Summary of fractional OCR under dark (negative times) and light (positive times) for WT (thin gray bar = mean; 95% CI shown) and Gnat1rd17 (thick black bar = mean) mice. Dotted horizontal line at 1 presented for reference. Statistical test results shown in bottom right: Horizontal lines: P < 0.05; mean ± 95% CI. Gnat1rd17 ≠ 1; gray solid bar WT ≠ 1; dashed line Gnat1rd17 ≠ WT; n = 4 at each condition for WT and Gnat1rd17 mice.
Figure 7.
 
Summary of fractional OCR under dark (negative times) and light (positive times) for WT (thin gray bar = mean; 95% CI shown) and Gnat1rd17 (thick black bar = mean) mice. Dotted horizontal line at 1 presented for reference. Statistical test results shown in bottom right: Horizontal lines: P < 0.05; mean ± 95% CI. Gnat1rd17 ≠ 1; gray solid bar WT ≠ 1; dashed line Gnat1rd17 ≠ WT; n = 4 at each condition for WT and Gnat1rd17 mice.
Discussion
The OCT and OCR biomarker data in this study raise the possibility that rod mitochondrial activity is greater in light-adapted loss-of-function of transducin 1 mice (a model that mirrors some forms of retinitis pigmentosa in humans) than in the dark.19 A limitation of all noninvasive bioenergy biomarkers, including the results herein, is that rod mitochondria are not being isolated and directly interrogated by anatomical, physiological, or genetic approaches. On the other hand, such ex vivo methods are not useful in patients, and it is unclear how to translate results from bench-to-bedside. To address this need to translate ex vivo results in vivo, studies in wildtype mice have developed and applied noninvasive OCT energy biomarkers that are sensitive to changes in mitochondria activity.2325 
In this study, we begin to test the usefulness of these biomarkers in Gnat1rd17 mice, which lack rod phototransduction and model a form of human retinitis pigmentosa.19 At 60 minutes of light, Gnat1rd17 mice show a rounder ISez, together with a thinner ELM-RPE and unmeasurable HB magnitude compared to wildtype mice, a totality of change suggesting that Gnat1rd17 rod mitochondria have altered their distribution to increase energy demand.23 The lack of an elevated ISez aspect ratio at 20 minutes of light together with ELM-RPE thinning and lack of HB signal is not inconsistent with the notion of mitochondria overperformance, but it is somewhat ambiguous (see below). One alternative way that mitochondria can change energy output without spatial rearrangements is by changing the expression pattern of OPA1 on the inner mitochondria membrane, a major regulator of mitochondrial homeostasis and cristae remodeling; this change would not be discernable with OCT and is a hypothesis that needs to be formally tested.85,86 It is also possible that modest mitochondria spatial changes occurred at 20 minutes that were below our detection sensitivity.

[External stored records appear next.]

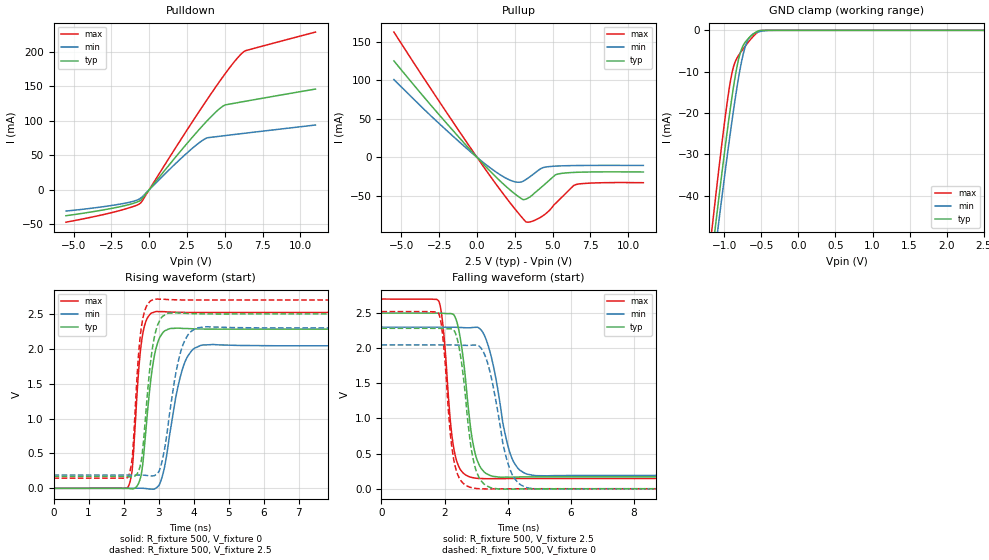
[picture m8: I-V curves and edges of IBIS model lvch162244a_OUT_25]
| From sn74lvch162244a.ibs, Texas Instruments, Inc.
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[Model]   lvch162244a_OUT_25
Model_type  3-state
Enable   Active-Low
Vref =   0
Rref =   500
Cref =   30p
Vmeas =   1.25
| variable   typ   min   max
C_comp   4.95pF   4.44pF   5.95pF
| C_pullup   3.08pF   2.22pF   5.35pF
| C_pulldown   3.30pF   2.54pF   5.10pF
| C_tri-state   4.95pF   4.44pF   5.95pF
[Temperature Range]   40   100   -40
| Ambient temperature   25   85   -40
[Voltage range]   2.5   2.3   2.7
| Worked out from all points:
|   slope of the pulldown table from 0 to 0.375 V, typ, clamps not added: 36.5 ohm
|   slope of the pullup table from 0 to 0.375 V, typ, clamps not added: 47.7 ohm
|   GND clamp passes 1 mA (typ) near -0.61 V on its own axis
|   rising waveform, R_fixture 500, V_fixture 0: 20-80 % time 283ps typ, 432ps min, 209ps max; typ from 0 V to 2.28 V
|   falling waveform, R_fixture 500, V_fixture 2.5: 20-80 % time 369ps typ, 527ps min, 285ps max; typ from 2.5 V to 0.17 V
|   rising waveform, R_fixture 500, V_fixture 2.5: 20-80 % time 270ps typ, 403ps min, 199ps max; typ from 0.17 V to 2.5 V
|   falling waveform, R_fixture 500, V_fixture 0: 20-80 % time 362ps typ, 523ps min, 282ps max; typ from 2.28 V to 0 V
[GND Clamp]
| lvch162244a_OUT_25
|   Voltage   I(typ)   I(min)   I(max)
-5.5V     -768.1mA   -753.5mA   -792mA
-1.175V   -56.09mA   -61.39mA   -49.74mA
-1.12V    -47.75mA   -53.28mA   -41.03mA
-1.095V   -44mA      -49.63mA   -37.13mA
-1.07V    -40.29mA   -46.01mA   -33.28mA
-955mV    -23.91mA   -29.87mA   -16.84mA
-885mV    -14.93mA   -20.68mA   -9.567mA
-810mV    -7.325mA   -11.87mA   -6.191mA
-740mV    -3.547mA   -5.51mA    -4.383mA
-620mV    -1.086mA   -1.003mA   -1.699mA
-475mV    -10.23uA   -143.8uA   -14uA
2.5V      50.35pA    32.01nA    -2.079nA
[Pulldown]
| lvch162244a_OUT_25
|   Voltage   I(typ)   I(min)   I(max)
-5.5V     -37.53mA   -30.77mA   -46.9mA
-2.025V   -24.95mA   -21.12mA   -30.54mA
-1.07V    -19.77mA   -16.78mA   -24.35mA
-595mV    -15.6mA    -12.59mA   -19.64mA
2.135V    57.37mA    45.87mA    73.9mA
3.565V    93.41mA    71.92mA    121.7mA
3.885V    100.9mA    75.32mA    132.1mA
4.915V    121.4mA    78.09mA    164.5mA
5.595V    125mA      79.88mA    184.2mA
6.09V     127mA      81.17mA    196.4mA
6.4V      128.2mA    81.97mA    201.4mA
11V       145.7mA    93.67mA    228.1mA
[Pullup]
| lvch162244a_OUT_25
|   Voltage   I(typ)   I(min)   I(max)
-5.5V     125mA      100.8mA    162.3mA
-2.285V   50.2mA     39.84mA    66.07mA
780mV     -16.14mA   -12.22mA   -21.79mA
2.345V    -44.85mA   -30.73mA   -62.84mA
3.02V     -54.49mA   -31.12mA   -78.94mA
3.23V     -54.01mA   -28.69mA   -83.44mA
3.6V      -49.73mA   -23.57mA   -83.08mA
4.24V     -38.91mA   -14.33mA   -77.14mA
4.705V    -30.92mA   -12.08mA   -70.17mA
5.19V     -22.63mA   -11.31mA   -59.63mA
6.52V     -19.37mA   -10.56mA   -35.37mA
11V       -18.92mA   -10.44mA   -32.8mA
[Ramp]
| lvch162244a_OUT_25
| variable   typ   min   max
dV/dt_r   1.38/2.95E-10   1.24/4.48E-10   1.52/2.16E-10
dV/dt_f   1.40/3.73E-10   1.27/5.45E-10   1.53/2.89E-10
R_load = 500
[Rising Waveform]
| lvch162244a_OUT_25
R_fixture =   500
C_fixture =   0
L_fixture =   0
V_fixture =   0
V_fixture_min = 0
V_fixture_max = 0
|   Time   V(typ)   V(min)   V(max)
0s        581.4pV    1.823nV    17.86nV
2.125ns   -954.5uV   233.7uV    15.18mV
2.25ns    -8.833mV   904.6uV    281.7mV
2.535ns   292.2mV    980.8uV    2.171V
2.765ns   1.495V     -10.64mV   2.499V
2.935ns   2.019V     6.141mV    2.534V
3.16ns    2.251V     275.2mV    2.533V
3.7ns     2.292V     1.734V     2.522V
4.28ns    2.284V     2.057V     2.521V
40ns      2.283V     2.044V     2.521V
[Falling Waveform]
| lvch162244a_OUT_25
R_fixture =   500
C_fixture =   0
L_fixture =   0
V_fixture =   2.5
V_fixture_min = 2.3
V_fixture_max = 2.7
|   Time   V(typ)   V(min)   V(max)
0s        2.5V       2.3V       2.7V
1.82ns    2.499V     2.3V       2.668V
1.95ns    2.497V     2.3V       2.317V
2.295ns   2.475V     2.299V     564mV
2.52ns    2.079V     2.295V     260.2mV
2.985ns   471.8mV    2.298V     150.5mV
3.43ns    191mV      1.962V     143mV
4.12ns    165.1mV    448mV      145.2mV
4.83ns    169.1mV    189.3mV    145.8mV
40ns      169.9mV    189.8mV    145.7mV
[Rising Waveform]
| lvch162244a_OUT_25
R_fixture =   500
C_fixture =   0
L_fixture =   0
V_fixture =   2.5
V_fixture_min = 2.3
V_fixture_max = 2.7
|   Time   V(typ)   V(min)   V(max)
0s        169.9mV    189.7mV    145.7mV
2.125ns   168.8mV    190mV      161.8mV
2.25ns    161mV      190.6mV    447.5mV
2.525ns   459mV      190.4mV    2.36V
2.76ns    1.756V     178.8mV    2.681V
2.93ns    2.271V     198.2mV    2.712V
3.135ns   2.472V     464.3mV    2.711V
3.665ns   2.511V     2.01V      2.701V
4.3ns     2.501V     2.314V     2.7V
40ns      2.5V       2.3V       2.7V
[Falling Waveform]
| lvch162244a_OUT_25
R_fixture =   500
C_fixture =   0
L_fixture =   0
V_fixture =   0
V_fixture_min = 0
V_fixture_max = 0
|   Time   V(typ)   V(min)   V(max)
0s        2.284V     2.047V     2.522V
1.82ns    2.283V     2.047V     2.489V
1.95ns    2.281V     2.047V     2.132V
2.295ns   2.257V     2.046V     401.4mV
2.505ns   1.89V      2.043V     122.2mV
2.985ns   276.2mV    2.045V     4.954mV
3.39ns    28.81mV    1.747V     -2.951mV
4.095ns   -5.341mV   247.9mV    -508.7uV
4.84ns    -1.055mV   -1.43mV    100.2uV
40ns      16.75uV    45.77uV    5.83uV

We thus did an OCR “tie-breaker” experiment. The OCR results supported a greater-than-dark energy performance in the light from retina's of Gnat1rd17 mice consistent with the ELM-RPE and HB biomarkers at the 20-min time point. Together, the above biomarker results raise the possibility that Gnat1rd17 rod mitochondria can increase their oxidation of fuels (suggested by the change in OCR) without undergoing re-distribution at the 20-minute time point. In addition, light-adapted Gnat1rd17 mice had a faster rate of fuel oxidation compared to that in the dark per OCR, and greater-than-wildtype biomarkers changes except for the ELM-RPE biomarker, which likely is being influenced by a lack of phototransduction triggered pH-changes in the subretinal space volume.25 
Other potential limitations include the inclusion of male and female mice only for the OCT arm of this study (Supplemental Figs. S2, S4); only males were examined by OKT and only females were examined by OCR. However, we found no impact of sex on the strain-dependent light-dark differences in OCT data; more work is needed to fully address a role of sex in the other arms of the study. Another possible concern is that evidence for an alternative interpretation of band 2 has been proposed based on data collected using a different type of OCT involving adaptive optics; this alternative interpretation seems at odds with data collected using standard OCT and is a topic of controversy.8789 However, at this point, the relevance of this potential alternative interpretation for understanding band 2 measured from OCT data not collected with adaptive optics is unclear. An additional interpretation concern is that outer segment disc shedding can alter outer retina reflectance and begins soon after overnight dark adaptation; the impact of this shedding on our OCT biomarkers requires further investigation.90 
Clinically, the intensity of OCT ISez band at its maximum value measured from patients is an accepted biomarker of photoreceptor health whose relative reflectance is linked with outer retina neurodegenerative disease severity and degeneration.26,28,87,9194 On the other hand, the relevance of a single value of ISez intensity measured with OCT in relation to mitochondria is unclear, and comparing single intensity measurement between subjects remain challenging in practice because of issues such as a lack of a consensus method for performing intensity normalization.26,28,87,9194 
Intriguingly, Gnat1rd17 mice do not show evidence for an HB signal in light or dark (e.g., Fig. 2C). This appears consistent with greater mitochondria activity since a small HB indicates a higher energy condition in different wildtype mouse strains (e.g., Fig. 2B).24 On the other hand, the absence of rod transducin may influence the refractive index of the outer segment making it hard to discern the photoreceptor tips.52 A third possibility is that loss of the transducin α subunit function somehow modifies the HB magnitude unrelated to energy production. Unfortunately, at present, the underlying mechanism that produces a prominent HB is unclear and further investigations are required. 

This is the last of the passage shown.